Key Concepts of Section 15.3

• G protein–coupled receptors (GPCRs) are a large and diverse family with a common structure of seven membrane-spanning α helices and an internal ligand-binding pocket that is specific for particular ligands (see Figures 15-12 and 15-13).

• GPCRs are coupled to heterotrimeric G proteins, which contain three subunits designated α, β, and γ. The G_α subunit is a GTPase switch protein that alternates between an active (“on”) state with bound GTP and inactive (“off”) state with bound GDP. The “on” form separates from the β and γ subunits and activates a membrane-bound effector. The β and γ subunits remain bound together and can also transduce signals (see Figure 15-14).

• Ligand binding causes a conformational change in certain membrane-spanning helices and intracellular loops of the GPCR, allowing it to bind to and function as a guanine nucleotide exchange factor (GEF) for its coupled G_α subunit, catalyzing dissociation of GDP and allowing GTP to bind. The resulting change in the conformation of the switch region in G_α causes it to dissociate from the G_βγ subunit and the receptor and interact with an effector protein (see Figure 15-14).

• FRET experiments demonstrate receptor-mediated dissociation of coupled G_α and G_βγ subunits in live cells (see Figure 15-15).

• The effector proteins activated (or inactivated) by heterotrimeric G proteins are either enzymes that form second messengers (e.g., adenylyl cyclase, phospholipase C) or ion channels (see Table 15-2).

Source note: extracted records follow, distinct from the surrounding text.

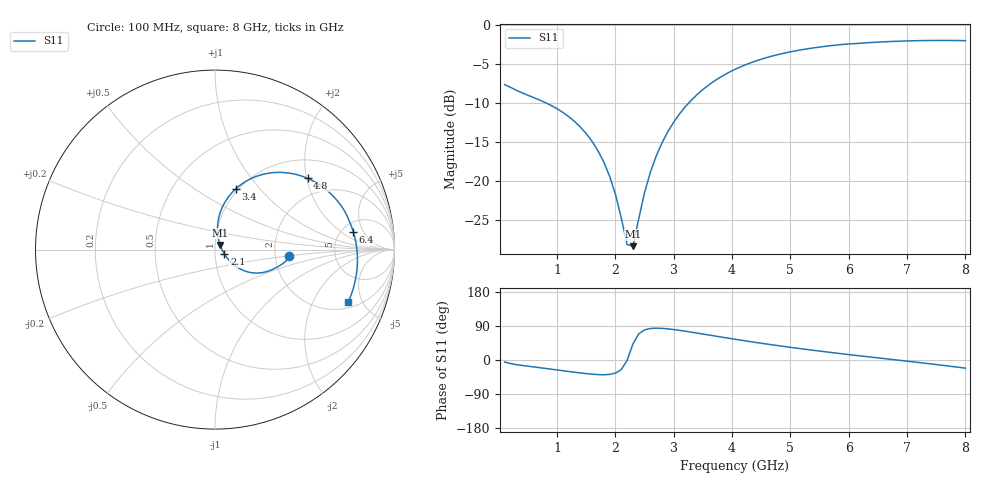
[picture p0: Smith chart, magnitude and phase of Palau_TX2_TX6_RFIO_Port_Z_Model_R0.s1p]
! Created Wed Jul  8 18:09:28 2020
! Palau TX2/TX6 RFIO Port Impedance Model.
! Revision		: R0.
! Impedance Mode 	: Balanced Differential-Mode.
! Impedance Format 	: Series Equivalent Differential Impedance (SEDZ).
# hz S ma R 50
! 1 Port Network Data from SP1.SP block
! freq  magS11  angS11
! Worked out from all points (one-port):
!   80 points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, 100 MHz to 8 GHz, reference 50 ohm
!   lowest |S11| = -28.4 dB at 2.3 GHz (marker M1), VSWR 1.08, Z = 52.8 + j2.7 ohm
!   |S11| at or under -10 dB: 817.6 MHz to 3.254 GHz (2.437 GHz wide, 120 % of centre)
!   S11 on the Smith chart (normalised r, x): 100 MHz: 2.40, -0.22; 2.1 GHz: 1.11, -0.06; 3.4 GHz: 0.97, +0.76; 4.8 GHz: 1.47, +2.02; 6.4 GHz: 6.34, +3.17; 8 GHz: 2.39, -3.85
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1e8  0.4161 -5.3
4e8  0.3683 -14.4
1.1e9  0.2756 -28.3
1.4e9  0.2217 -34.2
1.7e9  0.1563 -38.5
1.9e9  0.1073 -38.0
2e9  0.08201 -34.7
2.1e9  0.05775 -25.4
2.2e9  0.03896 -1.0
2.3e9  0.03802 42.1
2.5e9  0.08421 79.5
2.6e9  0.114 83.1
2.7e9  0.1448 84.0
2.8e9  0.1762 83.4
2.9e9  0.2076 82.1
3.1e9  0.2699 78.2
3.4e9  0.359 71.1
3.8e9  0.4647 61.0
4.1e9  0.5322 53.5
4.4e9  0.5894 46.5
4.8e9  0.6509 37.6
5.1e9  0.6875 31.4
5.6e9  0.734 21.7
6.1e9  0.7637 12.5
6.4e9  0.7769 7.3
7.1e9  0.7964 -4.8
7.6e9  0.8003 -13.8
8e9  0.798 -21.5

In each case, it is the G_α subunit that determines the function of the G protein and affords its specificity.

• GPCRs can have a range of cellular effects depending on the subtype of receptor that binds a ligand. The hormone epinephrine, for example, which mediates the fight-or-flight response, binds to multiple subtypes of GPCRs in multiple cell types, with varying physiological effects.

• Efforts to identify orphan GPCRs led to the discovery of orexins, hormones that regulate feeding behavior and sleep in both animals and humans.